### Exercise objective
Count the lines below that contain the word "values". Give only the number.

### The input
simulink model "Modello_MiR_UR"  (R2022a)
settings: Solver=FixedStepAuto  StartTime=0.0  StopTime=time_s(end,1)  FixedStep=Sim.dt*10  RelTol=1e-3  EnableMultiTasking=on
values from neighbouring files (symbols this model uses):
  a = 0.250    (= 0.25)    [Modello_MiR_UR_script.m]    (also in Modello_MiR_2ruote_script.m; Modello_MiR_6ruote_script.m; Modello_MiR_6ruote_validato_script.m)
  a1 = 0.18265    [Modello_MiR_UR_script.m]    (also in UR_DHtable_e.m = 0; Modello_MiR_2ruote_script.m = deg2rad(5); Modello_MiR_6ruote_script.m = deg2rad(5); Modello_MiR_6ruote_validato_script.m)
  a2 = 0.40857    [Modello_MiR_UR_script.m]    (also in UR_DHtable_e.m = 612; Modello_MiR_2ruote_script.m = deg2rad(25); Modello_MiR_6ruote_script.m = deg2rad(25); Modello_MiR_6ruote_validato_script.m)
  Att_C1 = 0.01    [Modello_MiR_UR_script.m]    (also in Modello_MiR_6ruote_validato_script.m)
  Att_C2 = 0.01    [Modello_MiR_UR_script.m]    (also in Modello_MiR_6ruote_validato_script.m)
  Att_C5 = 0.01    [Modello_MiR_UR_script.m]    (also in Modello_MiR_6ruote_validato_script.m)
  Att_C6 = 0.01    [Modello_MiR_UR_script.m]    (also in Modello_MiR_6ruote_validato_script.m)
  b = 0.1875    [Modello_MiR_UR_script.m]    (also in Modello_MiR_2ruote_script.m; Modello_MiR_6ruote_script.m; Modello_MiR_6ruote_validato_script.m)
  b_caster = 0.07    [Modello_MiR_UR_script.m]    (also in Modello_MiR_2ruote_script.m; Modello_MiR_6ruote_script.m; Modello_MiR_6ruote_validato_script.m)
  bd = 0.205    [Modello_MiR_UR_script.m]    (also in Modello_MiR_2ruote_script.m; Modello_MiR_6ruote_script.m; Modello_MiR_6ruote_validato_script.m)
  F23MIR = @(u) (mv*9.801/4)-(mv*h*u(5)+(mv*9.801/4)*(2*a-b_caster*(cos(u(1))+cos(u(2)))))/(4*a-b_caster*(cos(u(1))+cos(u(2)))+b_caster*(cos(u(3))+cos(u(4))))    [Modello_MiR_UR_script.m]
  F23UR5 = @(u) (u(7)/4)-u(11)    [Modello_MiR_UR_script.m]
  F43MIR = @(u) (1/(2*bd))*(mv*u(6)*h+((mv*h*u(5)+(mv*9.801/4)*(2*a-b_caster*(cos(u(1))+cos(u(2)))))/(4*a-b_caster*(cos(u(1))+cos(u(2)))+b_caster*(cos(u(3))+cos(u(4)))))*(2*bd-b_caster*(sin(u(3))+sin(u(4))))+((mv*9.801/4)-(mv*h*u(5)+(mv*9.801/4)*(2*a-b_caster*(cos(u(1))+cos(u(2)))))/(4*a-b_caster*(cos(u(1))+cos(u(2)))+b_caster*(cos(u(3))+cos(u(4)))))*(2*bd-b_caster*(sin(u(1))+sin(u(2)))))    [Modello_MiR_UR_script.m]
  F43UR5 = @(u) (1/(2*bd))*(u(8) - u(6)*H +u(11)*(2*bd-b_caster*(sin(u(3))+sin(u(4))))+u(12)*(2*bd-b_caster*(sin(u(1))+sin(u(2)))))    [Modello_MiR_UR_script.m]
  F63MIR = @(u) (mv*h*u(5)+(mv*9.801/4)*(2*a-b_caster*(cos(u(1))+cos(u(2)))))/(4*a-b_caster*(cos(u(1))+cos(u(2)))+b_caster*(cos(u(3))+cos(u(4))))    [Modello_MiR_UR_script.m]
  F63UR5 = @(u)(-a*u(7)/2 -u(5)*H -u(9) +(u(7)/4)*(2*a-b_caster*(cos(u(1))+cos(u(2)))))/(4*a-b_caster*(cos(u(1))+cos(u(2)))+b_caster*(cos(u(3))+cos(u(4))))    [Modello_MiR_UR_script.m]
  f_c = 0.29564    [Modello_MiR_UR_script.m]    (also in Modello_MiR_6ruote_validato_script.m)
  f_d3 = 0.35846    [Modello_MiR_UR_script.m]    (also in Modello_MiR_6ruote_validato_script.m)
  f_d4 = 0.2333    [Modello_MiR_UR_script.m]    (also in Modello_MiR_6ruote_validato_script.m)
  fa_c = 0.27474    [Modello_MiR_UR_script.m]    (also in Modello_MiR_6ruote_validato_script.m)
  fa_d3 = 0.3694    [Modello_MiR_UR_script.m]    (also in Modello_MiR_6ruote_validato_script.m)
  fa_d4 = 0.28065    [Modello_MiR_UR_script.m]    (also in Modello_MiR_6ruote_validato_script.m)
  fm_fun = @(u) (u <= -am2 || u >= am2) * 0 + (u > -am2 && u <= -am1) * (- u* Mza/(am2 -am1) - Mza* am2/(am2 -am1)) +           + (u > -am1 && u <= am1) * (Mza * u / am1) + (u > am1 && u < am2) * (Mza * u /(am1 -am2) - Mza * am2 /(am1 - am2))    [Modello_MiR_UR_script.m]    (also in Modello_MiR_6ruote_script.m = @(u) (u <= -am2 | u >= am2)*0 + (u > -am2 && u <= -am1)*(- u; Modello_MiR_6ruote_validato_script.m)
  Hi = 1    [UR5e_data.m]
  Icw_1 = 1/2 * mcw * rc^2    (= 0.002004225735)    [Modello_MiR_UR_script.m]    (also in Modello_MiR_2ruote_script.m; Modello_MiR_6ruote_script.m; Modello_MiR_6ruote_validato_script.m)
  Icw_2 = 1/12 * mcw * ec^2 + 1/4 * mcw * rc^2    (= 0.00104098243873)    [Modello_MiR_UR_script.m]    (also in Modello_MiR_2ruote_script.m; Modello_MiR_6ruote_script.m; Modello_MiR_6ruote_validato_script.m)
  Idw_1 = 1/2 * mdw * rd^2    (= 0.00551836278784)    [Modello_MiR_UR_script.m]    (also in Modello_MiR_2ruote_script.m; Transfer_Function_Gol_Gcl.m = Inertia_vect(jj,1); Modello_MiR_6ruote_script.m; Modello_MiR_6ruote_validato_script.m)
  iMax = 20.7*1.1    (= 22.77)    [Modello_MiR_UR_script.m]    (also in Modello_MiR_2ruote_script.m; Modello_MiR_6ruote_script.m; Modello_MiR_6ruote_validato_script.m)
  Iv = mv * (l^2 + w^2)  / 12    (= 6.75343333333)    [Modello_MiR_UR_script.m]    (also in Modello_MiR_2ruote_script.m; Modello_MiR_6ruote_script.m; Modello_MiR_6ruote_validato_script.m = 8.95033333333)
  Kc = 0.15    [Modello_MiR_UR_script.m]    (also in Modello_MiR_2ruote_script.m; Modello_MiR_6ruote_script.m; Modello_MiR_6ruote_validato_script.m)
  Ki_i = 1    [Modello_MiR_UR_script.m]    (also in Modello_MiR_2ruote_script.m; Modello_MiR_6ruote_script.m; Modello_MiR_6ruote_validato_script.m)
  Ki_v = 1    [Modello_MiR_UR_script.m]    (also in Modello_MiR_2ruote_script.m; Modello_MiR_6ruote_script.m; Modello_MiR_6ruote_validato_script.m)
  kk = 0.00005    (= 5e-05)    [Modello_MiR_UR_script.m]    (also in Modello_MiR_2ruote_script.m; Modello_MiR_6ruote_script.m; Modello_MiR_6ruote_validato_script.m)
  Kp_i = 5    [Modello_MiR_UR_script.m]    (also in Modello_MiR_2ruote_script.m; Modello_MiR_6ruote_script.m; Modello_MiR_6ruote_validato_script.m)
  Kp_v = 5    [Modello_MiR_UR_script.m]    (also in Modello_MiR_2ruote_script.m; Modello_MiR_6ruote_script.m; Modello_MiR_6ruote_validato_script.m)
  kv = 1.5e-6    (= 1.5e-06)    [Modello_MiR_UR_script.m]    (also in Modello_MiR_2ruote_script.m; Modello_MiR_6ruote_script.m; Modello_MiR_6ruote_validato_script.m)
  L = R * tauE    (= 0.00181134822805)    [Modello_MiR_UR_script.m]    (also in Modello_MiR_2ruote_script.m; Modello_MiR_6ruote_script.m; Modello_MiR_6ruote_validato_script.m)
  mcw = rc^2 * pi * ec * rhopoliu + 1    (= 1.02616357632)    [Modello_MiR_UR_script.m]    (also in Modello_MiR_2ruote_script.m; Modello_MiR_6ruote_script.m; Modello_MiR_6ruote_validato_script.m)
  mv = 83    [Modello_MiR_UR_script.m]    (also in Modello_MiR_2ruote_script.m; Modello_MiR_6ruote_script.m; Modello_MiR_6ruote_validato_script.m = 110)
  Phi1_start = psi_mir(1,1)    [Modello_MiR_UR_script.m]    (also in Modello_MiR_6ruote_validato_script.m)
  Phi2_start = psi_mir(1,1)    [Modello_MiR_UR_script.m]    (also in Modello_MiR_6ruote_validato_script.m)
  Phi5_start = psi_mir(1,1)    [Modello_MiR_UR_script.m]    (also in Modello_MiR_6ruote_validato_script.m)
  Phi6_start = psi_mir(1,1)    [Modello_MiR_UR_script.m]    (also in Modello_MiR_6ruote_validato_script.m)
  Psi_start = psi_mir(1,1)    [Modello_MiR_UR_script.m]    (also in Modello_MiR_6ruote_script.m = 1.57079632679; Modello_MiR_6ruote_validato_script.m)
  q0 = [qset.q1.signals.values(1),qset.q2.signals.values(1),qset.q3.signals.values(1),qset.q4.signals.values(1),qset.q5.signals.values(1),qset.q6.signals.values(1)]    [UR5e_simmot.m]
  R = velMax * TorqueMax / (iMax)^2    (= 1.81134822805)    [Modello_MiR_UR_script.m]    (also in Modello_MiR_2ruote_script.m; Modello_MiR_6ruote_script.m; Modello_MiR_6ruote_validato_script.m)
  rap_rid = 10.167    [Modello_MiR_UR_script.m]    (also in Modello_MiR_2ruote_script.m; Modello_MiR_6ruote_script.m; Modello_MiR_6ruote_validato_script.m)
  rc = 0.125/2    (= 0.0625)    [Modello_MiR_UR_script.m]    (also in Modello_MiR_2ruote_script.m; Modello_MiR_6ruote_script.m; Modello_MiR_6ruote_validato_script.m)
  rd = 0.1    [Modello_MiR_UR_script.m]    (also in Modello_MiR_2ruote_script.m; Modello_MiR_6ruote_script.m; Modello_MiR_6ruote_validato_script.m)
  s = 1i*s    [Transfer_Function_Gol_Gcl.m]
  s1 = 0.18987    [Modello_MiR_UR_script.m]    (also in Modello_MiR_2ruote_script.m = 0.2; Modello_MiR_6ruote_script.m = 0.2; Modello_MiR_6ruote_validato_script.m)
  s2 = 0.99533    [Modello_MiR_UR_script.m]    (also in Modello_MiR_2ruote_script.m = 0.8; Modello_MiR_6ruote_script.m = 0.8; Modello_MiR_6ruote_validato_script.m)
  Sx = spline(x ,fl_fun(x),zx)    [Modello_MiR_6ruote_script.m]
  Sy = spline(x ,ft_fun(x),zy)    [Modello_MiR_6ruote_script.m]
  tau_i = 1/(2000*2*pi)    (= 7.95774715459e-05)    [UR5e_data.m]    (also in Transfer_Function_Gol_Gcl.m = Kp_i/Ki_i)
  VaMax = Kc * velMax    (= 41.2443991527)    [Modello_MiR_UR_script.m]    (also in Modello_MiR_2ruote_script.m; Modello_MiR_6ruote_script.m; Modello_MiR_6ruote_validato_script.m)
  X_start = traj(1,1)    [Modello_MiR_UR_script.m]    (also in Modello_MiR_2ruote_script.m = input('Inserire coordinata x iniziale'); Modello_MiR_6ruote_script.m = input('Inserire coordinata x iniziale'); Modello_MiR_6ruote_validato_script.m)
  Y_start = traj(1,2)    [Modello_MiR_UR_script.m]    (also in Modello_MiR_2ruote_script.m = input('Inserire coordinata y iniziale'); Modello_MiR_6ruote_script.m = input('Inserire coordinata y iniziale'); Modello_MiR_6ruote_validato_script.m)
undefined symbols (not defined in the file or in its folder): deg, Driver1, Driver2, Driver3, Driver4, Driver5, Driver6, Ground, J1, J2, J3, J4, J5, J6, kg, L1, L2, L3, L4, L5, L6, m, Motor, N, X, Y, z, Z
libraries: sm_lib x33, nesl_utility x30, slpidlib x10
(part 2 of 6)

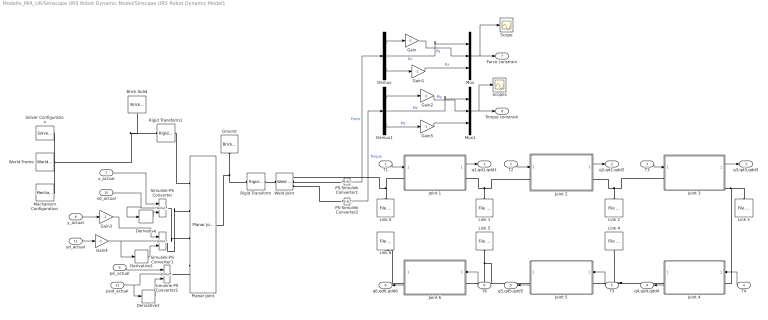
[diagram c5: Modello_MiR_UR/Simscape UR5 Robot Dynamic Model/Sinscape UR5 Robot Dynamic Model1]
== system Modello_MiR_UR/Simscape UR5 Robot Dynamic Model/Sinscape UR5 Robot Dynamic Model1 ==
  T1 : Inport
  T2 : Inport  Port=2
  T3 : Inport  Port=3
  T4 : Inport  Port=4
  T5 : Inport  Port=5
  T6 : Inport  Port=6
  x_actual : Inport  Port=7
  y_actual : Inport  Port=8
  psi_actual : Inport  Port=9
  xd_actual : Inport  Port=10
  yd_actual : Inport  Port=11
  psid_actual : Inport  Port=12
  Brick Solid : sm_lib/Body Elements/Brick Solid  GraphicAmbientColor=[0.15 0.15 0.15 1.0]  BasedOnType=Density  BrickDimensions=[100 100 1]  BrickDimensionUnits=m  CenterOfMass=[0 0 0]  CenterOfMassUnits=m  GraphicDiffuseColor=[0.5 0.5 0.5]  Density=1000  DensityUnits=kg/m^3  DoExposeReferenceFrame=on  GraphicEmissiveColor=[0.0 0.0 0.0 1.0]  ExportEntireGeometry=off  SerializedFrames=<Frames/>  MarkerShape=Sphere  MarkerSize=10  GraphicType=FromGeometry  InertiaType=CalculateFromGeometry  Mass=1  MassUnits=kg  MomentsOfInertia=[1 1 1]  MomentsOfInertiaUnits=kg*m^2  GraphicOpacity=1.0  ProductsOfInertia=[0 0 0]  ProductsOfInertiaUnits=kg*m^2  GraphicShininess=75  GraphicSpecularColor=[0.5 0.5 0.5 1.0]  GraphicVisPropType=SimpleVisualProperties
  Demux : Demux  Outputs=3
  Demux1 : Demux  Outputs=3
  Derivative : Derivative
  Derivative1 : Derivative
  Derivative2 : Derivative
  Gain{,1..5} (6 alike) : Gain  Gain=-1
  Ground : sm_lib/Body Elements/Brick Solid  GraphicAmbientColor=[0.15 0.15 0.15 1.0]  BasedOnType=Density  BrickDimensions=[Ground.l Ground.w Ground.h]  BrickDimensionUnits=m  CenterOfMass=[0 0 0]  CenterOfMassUnits=m  GraphicDiffuseColor=[1.0 1.0 1.0]  Density=1000  DensityUnits=kg/m^3  DoExposeReferenceFrame=on  GraphicEmissiveColor=[0.0 0.0 0.0 1.0]  ExportEntireGeometry=off  SerializedFrames=<Frames/>  MarkerShape=Sphere  MarkerSize=10  GraphicType=FromGeometry  InertiaType=CalculateFromGeometry  Mass=1  MassUnits=kg  MomentsOfInertia=[1 1 1]  MomentsOfInertiaUnits=kg*m^2  GraphicOpacity=1.0  ProductsOfInertia=[0 0 0]  ProductsOfInertiaUnits=kg*m^2  GraphicShininess=75  GraphicSpecularColor=[0.5 0.5 0.5 1.0]  GraphicVisPropType=SimpleVisualProperties
  Joint 1 : Subsystem
  Joint 2 : Subsystem
  Joint 3 : Subsystem
  Joint 4 : Subsystem
  Joint 5 : Subsystem
  Joint 6 : Subsystem
  Link 0 : sm_lib/Body Elements/File Solid  ExtGeomFileName=C:\Users\user\Desktop\Modello MiR-UR validato\GROUND.stp  UnitType=Custom  ExtGeomFileUnits=mm  StepReaderType=HEX  ExportConvexHullGeometry=off  InertiaType=Custom  Mass=1  MassUnits=kg  CenterOfMass=[0 0 0]  CenterOfMassUnits=m  MomentsOfInertia=[1 1 1]  MomentsOfInertiaUnits=kg*m^2  ProductsOfInertia=[0 0 0]  ProductsOfInertiaUnits=kg*m^2  BasedOnType=DensityFromFile  Density=1000  DensityUnits=kg/m^3  DoExposeReferenceFrame=on  SerializedFrames=<Frames/>  GraphicType=FromGeometry  MarkerShape=Sphere  MarkerSize=10  GraphicVisPropType=SimpleVisualProperties  GraphicDiffuseColor=[0.5 0.5 0.5]  GraphicSpecularColor=[0.5 0.5 0.5 1.0]  GraphicAmbientColor=[0.15 0.15 0.15 1.0]  GraphicEmissiveColor=[0.0 0.0 0.0 1.0]  GraphicShininess=75  GraphicOpacity=1.0
  Link 1 : sm_lib/Body Elements/File Solid  ExtGeomFileName=C:\Users\user\Desktop\Modello MiR-UR validato\UR5 old\LINK1.STEP  UnitType=Custom  ExtGeomFileUnits=mm  StepReaderType=HEX  ExportConvexHullGeometry=off  InertiaType=Custom  Mass=L1.Mass  MassUnits=kg  CenterOfMass=L1.CM  CenterOfMassUnits=m  MomentsOfInertia=L1.InertiaM  MomentsOfInertiaUnits=kg*m^2  ProductsOfInertia=L1.InertiaP  ProductsOfInertiaUnits=kg*m^2  BasedOnType=DensityFromFile  Density=1000  DensityUnits=kg/m^3  DoExposeReferenceFrame=on  SerializedFrames=<Frames/>  GraphicType=FromGeometry  MarkerShape=Sphere  MarkerSize=10  GraphicVisPropType=SimpleVisualProperties  GraphicDiffuseColor=[0.5 0.5 0.5]  GraphicSpecularColor=[0.5 0.5 0.5 1.0]  GraphicAmbientColor=[0.15 0.15 0.15 1.0]  GraphicEmissiveColor=[0.0 0.0 0.0 1.0]  GraphicShininess=75  GraphicOpacity=1.0
  Link 2 : sm_lib/Body Elements/File Solid  ExtGeomFileName=C:\Users\user\Desktop\Modello MiR-UR validato\UR5 old\LINK2.STEP  UnitType=Custom  ExtGeomFileUnits=mm  StepReaderType=HEX  ExportConvexHullGeometry=off  InertiaType=Custom  Mass=L2.Mass  MassUnits=kg  CenterOfMass=L2.CM  CenterOfMassUnits=m  MomentsOfInertia=L2.InertiaM  MomentsOfInertiaUnits=kg*m^2  ProductsOfInertia=L2.InertiaP  ProductsOfInertiaUnits=kg*m^2  BasedOnType=DensityFromFile  Density=1000  DensityUnits=kg/m^3  DoExposeReferenceFrame=on  SerializedFrames=<Frames/>  GraphicType=FromGeometry  MarkerShape=Sphere  MarkerSize=10  GraphicVisPropType=SimpleVisualProperties  GraphicDiffuseColor=[0.5 0.5 0.5]  GraphicSpecularColor=[0.5 0.5 0.5 1.0]  GraphicAmbientColor=[0.15 0.15 0.15 1.0]  GraphicEmissiveColor=[0.0 0.0 0.0 1.0]  GraphicShininess=75  GraphicOpacity=1.0
  Link 3 : sm_lib/Body Elements/File Solid  ExtGeomFileName=C:\Users\user\Desktop\Modello MiR-UR validato\UR5 old\LINK3.STEP  UnitType=Custom  ExtGeomFileUnits=mm  StepReaderType=HEX  ExportConvexHullGeometry=off  InertiaType=Custom  Mass=L3.Mass  MassUnits=kg  CenterOfMass=L3.CM  CenterOfMassUnits=m  MomentsOfInertia=L3.InertiaM  MomentsOfInertiaUnits=kg*m^2  ProductsOfInertia=L3.InertiaP  ProductsOfInertiaUnits=kg*m^2  BasedOnType=DensityFromFile  Density=1000  DensityUnits=kg/m^3  DoExposeReferenceFrame=on  SerializedFrames=<Frames/>  GraphicType=FromGeometry  MarkerShape=Sphere  MarkerSize=10  GraphicVisPropType=SimpleVisualProperties  GraphicDiffuseColor=[0.5 0.5 0.5]  GraphicSpecularColor=[0.5 0.5 0.5 1.0]  GraphicAmbientColor=[0.15 0.15 0.15 1.0]  GraphicEmissiveColor=[0.0 0.0 0.0 1.0]  GraphicShininess=75  GraphicOpacity=1.0
  Link 4 : sm_lib/Body Elements/File Solid  ExtGeomFileName=C:\Users\user\Desktop\Modello MiR-UR validato\UR5 old\LINK4.STEP  UnitType=Custom  ExtGeomFileUnits=mm  StepReaderType=HEX  ExportConvexHullGeometry=off  InertiaType=Custom  Mass=L4.Mass  MassUnits=kg  CenterOfMass=L4.CM  CenterOfMassUnits=m  MomentsOfInertia=L4.InertiaM  MomentsOfInertiaUnits=kg*m^2  ProductsOfInertia=L4.InertiaP  ProductsOfInertiaUnits=kg*m^2  BasedOnType=DensityFromFile  Density=1000  DensityUnits=kg/m^3  DoExposeReferenceFrame=on  SerializedFrames=<Frames/>  GraphicType=FromGeometry  MarkerShape=Sphere  MarkerSize=10  GraphicVisPropType=SimpleVisualProperties  GraphicDiffuseColor=[0.5 0.5 0.5]  GraphicSpecularColor=[0.5 0.5 0.5 1.0]  GraphicAmbientColor=[0.15 0.15 0.15 1.0]  GraphicEmissiveColor=[0.0 0.0 0.0 1.0]  GraphicShininess=75  GraphicOpacity=1.0
  Link 5 : sm_lib/Body Elements/File Solid  ExtGeomFileName=C:\Users\user\Desktop\Modello MiR-UR validato\UR5 old\LINK5.STEP  UnitType=Custom  ExtGeomFileUnits=mm  StepReaderType=HEX  ExportConvexHullGeometry=off  InertiaType=Custom  Mass=L5.Mass  MassUnits=kg  CenterOfMass=L5.CM  CenterOfMassUnits=m  MomentsOfInertia=L5.InertiaM  MomentsOfInertiaUnits=kg*m^2  ProductsOfInertia=L5.InertiaP  ProductsOfInertiaUnits=kg*m^2  BasedOnType=DensityFromFile  Density=1000  DensityUnits=kg/m^3  DoExposeReferenceFrame=on  SerializedFrames=<Frames/>  GraphicType=FromGeometry  MarkerShape=Sphere  MarkerSize=10  GraphicVisPropType=SimpleVisualProperties  GraphicDiffuseColor=[0.5 0.5 0.5]  GraphicSpecularColor=[0.5 0.5 0.5 1.0]  GraphicAmbientColor=[0.15 0.15 0.15 1.0]  GraphicEmissiveColor=[0.0 0.0 0.0 1.0]  GraphicShininess=75  GraphicOpacity=1.0
  Link 6 : sm_lib/Body Elements/File Solid  ExtGeomFileName=C:\Users\user\Desktop\Modello MiR-UR validato\UR5 old\LINK6.STEP  UnitType=Custom  ExtGeomFileUnits=mm  StepReaderType=HEX  ExportConvexHullGeometry=off  InertiaType=Custom  Mass=L6.Mass  MassUnits=kg  CenterOfMass=L6.CM  CenterOfMassUnits=m  MomentsOfInertia=L6.InertiaM  MomentsOfInertiaUnits=kg*m^2  ProductsOfInertia=L6.InertiaP  ProductsOfInertiaUnits=kg*m^2  BasedOnType=DensityFromFile  Density=1000  DensityUnits=kg/m^3  DoExposeReferenceFrame=on  SerializedFrames=<Frames/>  GraphicType=FromGeometry  MarkerShape=Sphere  MarkerSize=10  GraphicVisPropType=SimpleVisualProperties  GraphicDiffuseColor=[0.5 0.5 0.5]  GraphicSpecularColor=[0.5 0.5 0.5 1.0]  GraphicAmbientColor=[0.15 0.15 0.15 1.0]  GraphicEmissiveColor=[0.0 0.0 0.0 1.0]  GraphicShininess=75  GraphicOpacity=1.0
  Mechanism Configuration : sm_lib/Utilities/Mechanism Configuration  UniformGravity=Constant  GravityVector=[0 0 -9.80665]  GravityUnits=m/s^2  LinearizationDelta=0.001  JointModeTransitionNonlinearIterations=2
  Mux : Mux  Inputs=3
  Mux1 : Mux  Inputs=3
  PS-Simulink Converter1 : nesl_utility/PS-Simulink Converter  PhysicalDomain=network_engine_domain  SubClassName=ps_output  LeftPortType=input  RightPortType=output  PseudoPeriodic=off  Frequencies=[]  VectorFormat=1-D array  Unit=1  AffineConversion=off
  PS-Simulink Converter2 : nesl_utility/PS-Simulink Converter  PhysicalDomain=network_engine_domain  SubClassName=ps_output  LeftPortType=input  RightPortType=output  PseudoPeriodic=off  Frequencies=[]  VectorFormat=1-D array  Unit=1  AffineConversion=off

### Output of the exercise
2